Search code examples
delphidelphi-2007

Delphi UTF8ToAnsi failure


When I use UTF8ToAnsi on this string, the result is empty. Any idea why that might be?

msgid "2. Broughton, PMG. ^iJournal of Automatic Chemistry.^n ^lVol 6. No 2. (April – June 1984) pp 94-95."

This demonstrates the problem:

procedure TForm1.FormShow(Sender: TObject);
begin
Memo1.Lines.Text :=
  '<<' +
  UTF8ToANSI('msgid "2. Broughton, PMG. ^iJournal of Automatic Chemistry.^n^lVol 6. No 2. (April – June 1984) pp 94-95."') +
  '>>';
end;

which produces

"<<>>"


Solution

  • Your code fails because what you pass is not UTF-8 encoded. What you pass this function is actually ANSI encoded. When Utf8Decode receives that text, it attempts to decode it and when it encounters the malformed bytes, bytes that are not UTF-8, it bails out and returns the empty string.

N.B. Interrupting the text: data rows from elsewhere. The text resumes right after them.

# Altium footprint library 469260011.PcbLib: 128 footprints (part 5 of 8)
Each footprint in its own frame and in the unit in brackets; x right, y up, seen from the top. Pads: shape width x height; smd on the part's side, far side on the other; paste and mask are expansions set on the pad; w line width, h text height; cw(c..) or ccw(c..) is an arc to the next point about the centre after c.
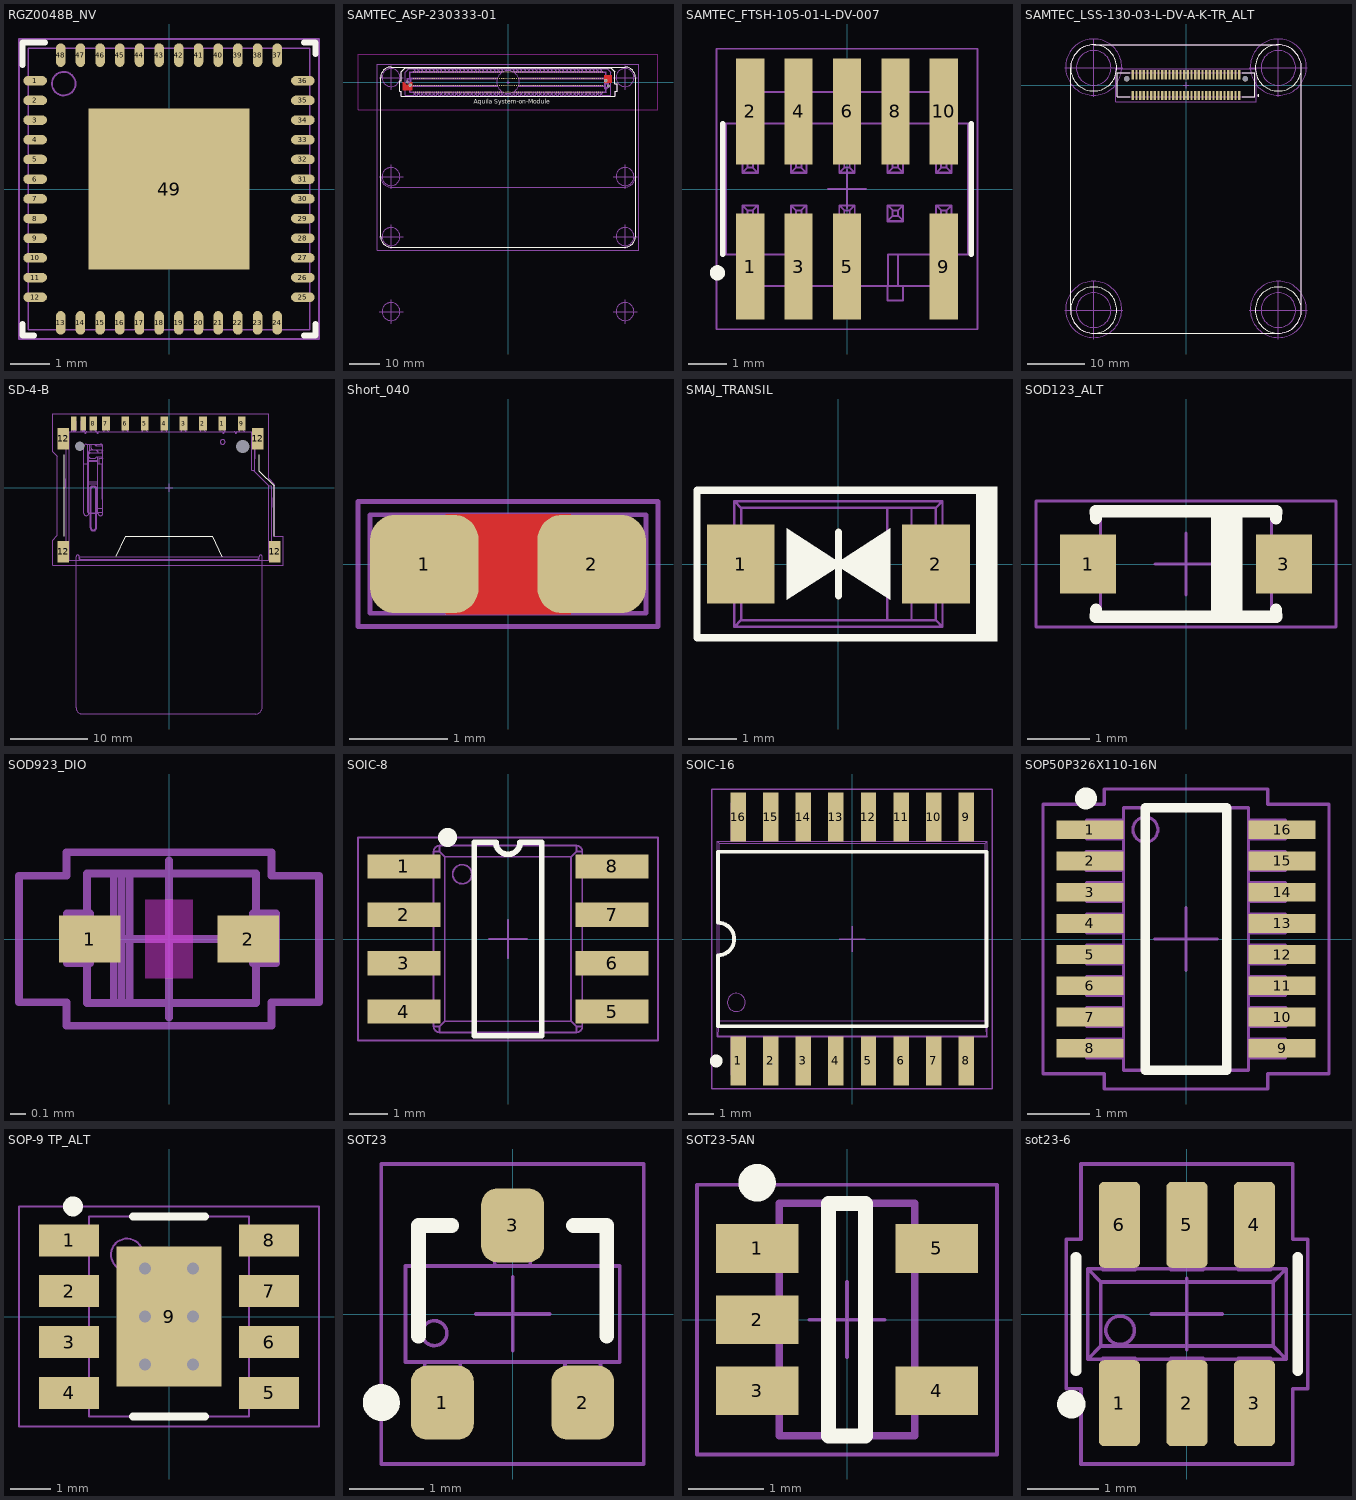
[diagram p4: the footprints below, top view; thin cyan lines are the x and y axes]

## RGZ0048B_NV [mm] "48-VQFN (7x7) (RGZ) Exposed Pad - no vias"
height 1
pads (49):
  oval 0.6x0.24 smd paste+0 mask+0.051: 1(-3.4,2.75) 2(-3.4,2.25) 3(-3.4,1.75) 4(-3.4,1.25) 5(-3.4,0.75) 6(-3.4,0.25) 7(-3.4,-0.25) 8(-3.4,-0.75) 9(-3.4,-1.25) 10(-3.4,-1.75) 11(-3.4,-2.25) 12(-3.4,-2.75) 25(3.4,-2.75) 26(3.4,-2.25) 27(3.4,-1.75) 28(3.4,-1.25) 29(3.4,-0.75) 30(3.4,-0.25) 31(3.4,0.25) 32(3.4,0.75) 33(3.4,1.25) 34(3.4,1.75) 35(3.4,2.25) 36(3.4,2.75)
  oval 0.24x0.6 smd paste+0 mask+0.051: 13(-2.75,-3.4) 14(-2.25,-3.4) 15(-1.75,-3.4) 16(-1.25,-3.4) 17(-0.75,-3.4) 18(-0.25,-3.4) 19(0.25,-3.4) 20(0.75,-3.4) 21(1.25,-3.4) 22(1.75,-3.4) 23(2.25,-3.4) 24(2.75,-3.4) 37(2.75,3.4) 38(2.25,3.4) 39(1.75,3.4) 40(1.25,3.4) 41(0.75,3.4) 42(0.25,3.4) 43(-0.25,3.4) 44(-0.75,3.4) 45(-1.25,3.4) 46(-1.75,3.4) 47(-2.25,3.4) 48(-2.75,3.4)
  rect 4.1x4.1 smd paste-2.037 mask+0.051: 49(0,0)
Top Overlay:
  lines w0.15: -3.725,-3.425 -3.725,-3.725 -3.425,-3.725 ; -3.725,3.15 -3.725,3.725 -3.15,3.725 ; 3.425,-3.725 3.725,-3.725 3.725,-3.425 ; 3.425,3.725 3.725,3.725 3.725,3.425
Top Paste:
  region: 0.1,-0.1 0.1,-1.835 1.835,-1.835 1.835,-0.1
  region: -0.1,-1.835 -0.1,-0.1 -1.835,-0.1 -1.835,-1.835
  region: -0.1,0.1 -0.1,1.835 -1.835,1.835 -1.835,0.1
  region: 0.1,1.835 0.1,0.1 1.835,0.1 1.835,1.835
Top Assembly:
  circle w0.05: c-2.675,2.675 r0.3
  lines w0.05: -3.575,-3.575 3.575,-3.575 3.575,3.575 -3.575,3.575 -3.575,-3.575
  text ".Designator" at -2.252,-0.226 h1
Top Courtyard:
  lines w0.05: -3.81,-3.048 -3.81,-3.81 ; -0.5,0 0.5,0 ; 0,-0.5 0,0.5 ; -3.81,-3.81 -3.81,3.81 3.81,3.81 3.81,-3.81 -3.81,-3.81
3D body "XCVR_DP83867ERGZT.step": height 1, standoff 0, extent -3.5,-3.5 3.5,3.5

## SAMTEC_ASP-230333-01 [mm] "Carrier Plug COM-HPC, 400 pin"
height 5
pads (446):
  round 0.025 on Mech1: 1(-36.106,-3.1) 1(-36.106,-3.1) 1(-36.106,0.475) 1(-36.106,0.475) 1(-35.606,-4.8) 1(-35.606,-4.8) 1(-35.606,-3.1) 1(-35.606,-3.1) 1(-35.606,0.475) 1(-35.606,0.475) 1(-35.606,3.4) 1(-35.606,3.4) 1(-34.206,4.8) 1(-34.206,4.8) 1(-0.506,0) 1(-0.356,0) 1(-0.006,-0.5) 1(0.344,0) 1(34.194,4.8) 1(34.194,4.8) 1(35.594,-3.1) 1(35.594,-0.5) 1(35.594,-4.8) 1(35.594,-4.8) 1(35.594,-3.1) 1(35.594,-0.5) 1(35.594,3.4) 1(35.594,3.4) 1(36.394,-0.5) 1(36.394,-0.5)
  round 0.025 on Top Overlay: 1(-36.106,-3.1) 1(-36.106,-3.1) 1(-35.606,-4.8) 1(-35.606,-4.8) 1(-35.606,-3.1) 1(-35.606,-3.1) 1(-35.606,0.475) 1(-35.606,0.475) 1(35.594,-3.1) 1(35.594,-0.5) 1(35.594,-3.1) 1(35.594,-0.5)
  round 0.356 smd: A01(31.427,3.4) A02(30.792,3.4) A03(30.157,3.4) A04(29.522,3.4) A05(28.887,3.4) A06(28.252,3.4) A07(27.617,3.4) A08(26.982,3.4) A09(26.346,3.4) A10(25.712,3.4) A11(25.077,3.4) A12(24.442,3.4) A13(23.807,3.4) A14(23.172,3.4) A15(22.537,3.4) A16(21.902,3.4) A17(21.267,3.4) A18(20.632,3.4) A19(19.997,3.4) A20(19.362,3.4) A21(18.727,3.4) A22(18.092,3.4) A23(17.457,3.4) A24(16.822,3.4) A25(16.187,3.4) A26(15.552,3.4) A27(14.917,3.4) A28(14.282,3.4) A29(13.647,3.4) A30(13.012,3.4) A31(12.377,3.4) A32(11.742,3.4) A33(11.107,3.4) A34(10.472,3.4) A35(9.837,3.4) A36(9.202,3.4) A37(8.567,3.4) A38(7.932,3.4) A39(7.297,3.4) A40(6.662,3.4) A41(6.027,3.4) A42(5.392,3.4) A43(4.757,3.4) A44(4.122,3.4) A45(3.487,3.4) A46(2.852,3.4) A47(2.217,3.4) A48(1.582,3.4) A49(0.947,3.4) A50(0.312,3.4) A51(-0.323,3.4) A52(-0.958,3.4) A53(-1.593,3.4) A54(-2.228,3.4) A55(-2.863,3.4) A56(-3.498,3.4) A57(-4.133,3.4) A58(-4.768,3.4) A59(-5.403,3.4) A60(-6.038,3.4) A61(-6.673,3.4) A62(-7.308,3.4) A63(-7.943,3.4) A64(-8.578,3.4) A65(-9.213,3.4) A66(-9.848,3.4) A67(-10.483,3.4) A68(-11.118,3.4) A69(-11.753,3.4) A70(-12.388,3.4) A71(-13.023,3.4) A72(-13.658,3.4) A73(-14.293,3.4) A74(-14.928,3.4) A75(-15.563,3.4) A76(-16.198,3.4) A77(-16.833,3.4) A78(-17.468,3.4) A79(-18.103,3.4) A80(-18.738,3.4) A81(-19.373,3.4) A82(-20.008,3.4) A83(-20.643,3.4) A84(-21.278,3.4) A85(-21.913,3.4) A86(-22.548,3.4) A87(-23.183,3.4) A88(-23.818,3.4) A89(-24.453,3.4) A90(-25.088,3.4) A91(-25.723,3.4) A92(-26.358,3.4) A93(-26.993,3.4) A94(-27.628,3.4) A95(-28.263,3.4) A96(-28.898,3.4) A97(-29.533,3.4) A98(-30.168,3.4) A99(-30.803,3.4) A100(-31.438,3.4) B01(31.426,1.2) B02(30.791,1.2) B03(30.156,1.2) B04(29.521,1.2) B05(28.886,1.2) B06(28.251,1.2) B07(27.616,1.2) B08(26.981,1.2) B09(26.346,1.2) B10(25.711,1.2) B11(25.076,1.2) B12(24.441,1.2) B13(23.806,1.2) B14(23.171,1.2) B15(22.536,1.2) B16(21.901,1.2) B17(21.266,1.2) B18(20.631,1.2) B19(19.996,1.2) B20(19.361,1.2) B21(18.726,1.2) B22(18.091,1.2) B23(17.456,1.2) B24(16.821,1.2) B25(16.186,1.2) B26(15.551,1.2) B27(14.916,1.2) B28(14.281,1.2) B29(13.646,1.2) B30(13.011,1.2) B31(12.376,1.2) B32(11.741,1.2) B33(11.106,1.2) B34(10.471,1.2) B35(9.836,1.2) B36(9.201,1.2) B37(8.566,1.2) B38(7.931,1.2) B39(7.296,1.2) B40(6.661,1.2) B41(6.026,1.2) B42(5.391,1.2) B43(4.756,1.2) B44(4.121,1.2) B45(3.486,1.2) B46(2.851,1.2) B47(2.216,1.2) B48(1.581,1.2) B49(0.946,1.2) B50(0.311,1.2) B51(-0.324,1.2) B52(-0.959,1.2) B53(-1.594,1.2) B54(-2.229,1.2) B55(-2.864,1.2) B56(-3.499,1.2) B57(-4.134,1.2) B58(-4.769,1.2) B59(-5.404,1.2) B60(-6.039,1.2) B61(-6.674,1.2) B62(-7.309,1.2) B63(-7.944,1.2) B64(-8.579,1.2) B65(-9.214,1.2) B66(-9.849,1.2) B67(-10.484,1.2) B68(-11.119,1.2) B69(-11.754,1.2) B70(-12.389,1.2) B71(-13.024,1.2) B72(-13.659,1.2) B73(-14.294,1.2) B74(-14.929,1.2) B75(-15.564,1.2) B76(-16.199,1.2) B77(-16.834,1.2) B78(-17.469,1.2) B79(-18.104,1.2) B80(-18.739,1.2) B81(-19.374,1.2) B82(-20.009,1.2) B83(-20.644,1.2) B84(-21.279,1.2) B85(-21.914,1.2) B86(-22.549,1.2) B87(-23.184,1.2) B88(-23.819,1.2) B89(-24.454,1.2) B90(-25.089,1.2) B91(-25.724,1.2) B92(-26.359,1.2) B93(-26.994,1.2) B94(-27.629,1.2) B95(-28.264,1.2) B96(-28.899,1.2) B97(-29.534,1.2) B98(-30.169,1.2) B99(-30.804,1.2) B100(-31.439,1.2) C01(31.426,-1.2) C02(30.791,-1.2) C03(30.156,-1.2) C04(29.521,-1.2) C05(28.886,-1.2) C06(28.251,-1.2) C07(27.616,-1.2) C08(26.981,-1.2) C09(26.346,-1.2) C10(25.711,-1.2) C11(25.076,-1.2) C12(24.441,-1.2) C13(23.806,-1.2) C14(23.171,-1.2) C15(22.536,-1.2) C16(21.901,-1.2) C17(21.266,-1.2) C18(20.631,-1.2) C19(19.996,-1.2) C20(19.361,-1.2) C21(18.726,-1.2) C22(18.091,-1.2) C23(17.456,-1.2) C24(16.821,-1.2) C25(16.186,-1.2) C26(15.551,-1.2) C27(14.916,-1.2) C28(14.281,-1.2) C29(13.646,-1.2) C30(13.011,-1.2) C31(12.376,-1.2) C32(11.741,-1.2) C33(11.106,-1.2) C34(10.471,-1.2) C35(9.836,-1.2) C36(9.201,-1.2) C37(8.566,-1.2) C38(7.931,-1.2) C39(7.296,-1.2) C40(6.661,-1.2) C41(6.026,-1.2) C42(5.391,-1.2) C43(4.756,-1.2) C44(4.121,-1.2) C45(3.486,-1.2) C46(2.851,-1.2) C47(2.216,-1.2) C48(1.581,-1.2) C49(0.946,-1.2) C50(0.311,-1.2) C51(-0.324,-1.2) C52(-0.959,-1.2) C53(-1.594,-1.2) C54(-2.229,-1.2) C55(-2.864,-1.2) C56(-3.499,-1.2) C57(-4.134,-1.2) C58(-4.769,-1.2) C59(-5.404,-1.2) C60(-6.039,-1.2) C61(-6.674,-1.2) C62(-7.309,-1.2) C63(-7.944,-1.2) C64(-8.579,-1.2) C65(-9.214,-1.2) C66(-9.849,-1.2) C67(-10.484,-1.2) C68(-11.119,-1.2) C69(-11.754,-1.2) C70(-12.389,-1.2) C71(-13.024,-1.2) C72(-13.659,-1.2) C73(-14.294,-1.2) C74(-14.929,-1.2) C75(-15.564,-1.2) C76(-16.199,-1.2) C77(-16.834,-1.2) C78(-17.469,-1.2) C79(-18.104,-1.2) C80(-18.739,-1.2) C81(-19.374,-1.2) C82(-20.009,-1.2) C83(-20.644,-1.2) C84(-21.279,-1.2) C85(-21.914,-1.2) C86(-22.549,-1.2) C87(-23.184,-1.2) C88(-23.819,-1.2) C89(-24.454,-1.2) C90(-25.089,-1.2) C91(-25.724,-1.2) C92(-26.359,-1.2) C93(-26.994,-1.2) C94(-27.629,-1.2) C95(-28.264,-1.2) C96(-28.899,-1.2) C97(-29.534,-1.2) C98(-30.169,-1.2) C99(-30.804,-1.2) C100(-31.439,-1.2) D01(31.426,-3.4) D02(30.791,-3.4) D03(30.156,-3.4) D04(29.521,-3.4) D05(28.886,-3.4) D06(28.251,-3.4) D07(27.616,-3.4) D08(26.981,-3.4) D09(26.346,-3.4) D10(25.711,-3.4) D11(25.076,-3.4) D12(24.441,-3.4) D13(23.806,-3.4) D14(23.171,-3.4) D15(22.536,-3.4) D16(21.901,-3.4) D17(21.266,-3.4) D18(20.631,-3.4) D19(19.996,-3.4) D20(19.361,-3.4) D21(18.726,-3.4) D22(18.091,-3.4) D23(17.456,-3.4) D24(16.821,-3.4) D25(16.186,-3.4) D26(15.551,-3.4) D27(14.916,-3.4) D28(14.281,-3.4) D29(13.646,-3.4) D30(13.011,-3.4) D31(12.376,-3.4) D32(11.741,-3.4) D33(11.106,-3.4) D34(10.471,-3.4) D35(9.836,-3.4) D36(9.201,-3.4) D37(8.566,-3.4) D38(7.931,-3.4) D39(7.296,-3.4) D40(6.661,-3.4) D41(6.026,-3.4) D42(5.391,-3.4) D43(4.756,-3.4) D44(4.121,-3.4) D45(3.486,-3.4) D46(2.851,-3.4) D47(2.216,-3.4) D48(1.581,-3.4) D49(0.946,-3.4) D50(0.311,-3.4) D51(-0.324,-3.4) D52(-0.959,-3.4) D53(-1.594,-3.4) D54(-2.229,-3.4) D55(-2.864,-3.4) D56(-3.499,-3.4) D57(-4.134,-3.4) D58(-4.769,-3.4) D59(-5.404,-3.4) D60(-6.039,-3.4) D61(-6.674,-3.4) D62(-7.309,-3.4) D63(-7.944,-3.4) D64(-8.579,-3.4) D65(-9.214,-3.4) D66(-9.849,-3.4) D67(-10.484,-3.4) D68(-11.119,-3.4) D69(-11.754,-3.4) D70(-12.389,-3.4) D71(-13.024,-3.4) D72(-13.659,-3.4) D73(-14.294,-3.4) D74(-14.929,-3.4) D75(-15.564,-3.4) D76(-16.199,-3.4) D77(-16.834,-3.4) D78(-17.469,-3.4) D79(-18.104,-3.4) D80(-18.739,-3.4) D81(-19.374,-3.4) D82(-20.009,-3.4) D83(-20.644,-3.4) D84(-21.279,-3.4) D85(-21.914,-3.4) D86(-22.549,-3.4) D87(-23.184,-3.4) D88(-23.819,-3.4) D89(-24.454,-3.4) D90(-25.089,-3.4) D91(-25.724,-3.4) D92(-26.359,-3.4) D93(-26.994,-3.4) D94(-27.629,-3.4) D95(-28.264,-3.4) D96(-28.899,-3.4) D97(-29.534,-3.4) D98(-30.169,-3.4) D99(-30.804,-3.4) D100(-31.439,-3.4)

    The problem character is the dash in April – June 1984 which is an n-dash. In ANSI that is encoded as #150. When you attempt to interpret that as UTF-8, that #150 is not a single byte encoding of a character, and is also invalid as the first byte of a multi-byte sequence. Hence the failure.

    To solve your actual problem, you'll need to work out why you have data that is not UTF-8 in a place where you expect UTF-8.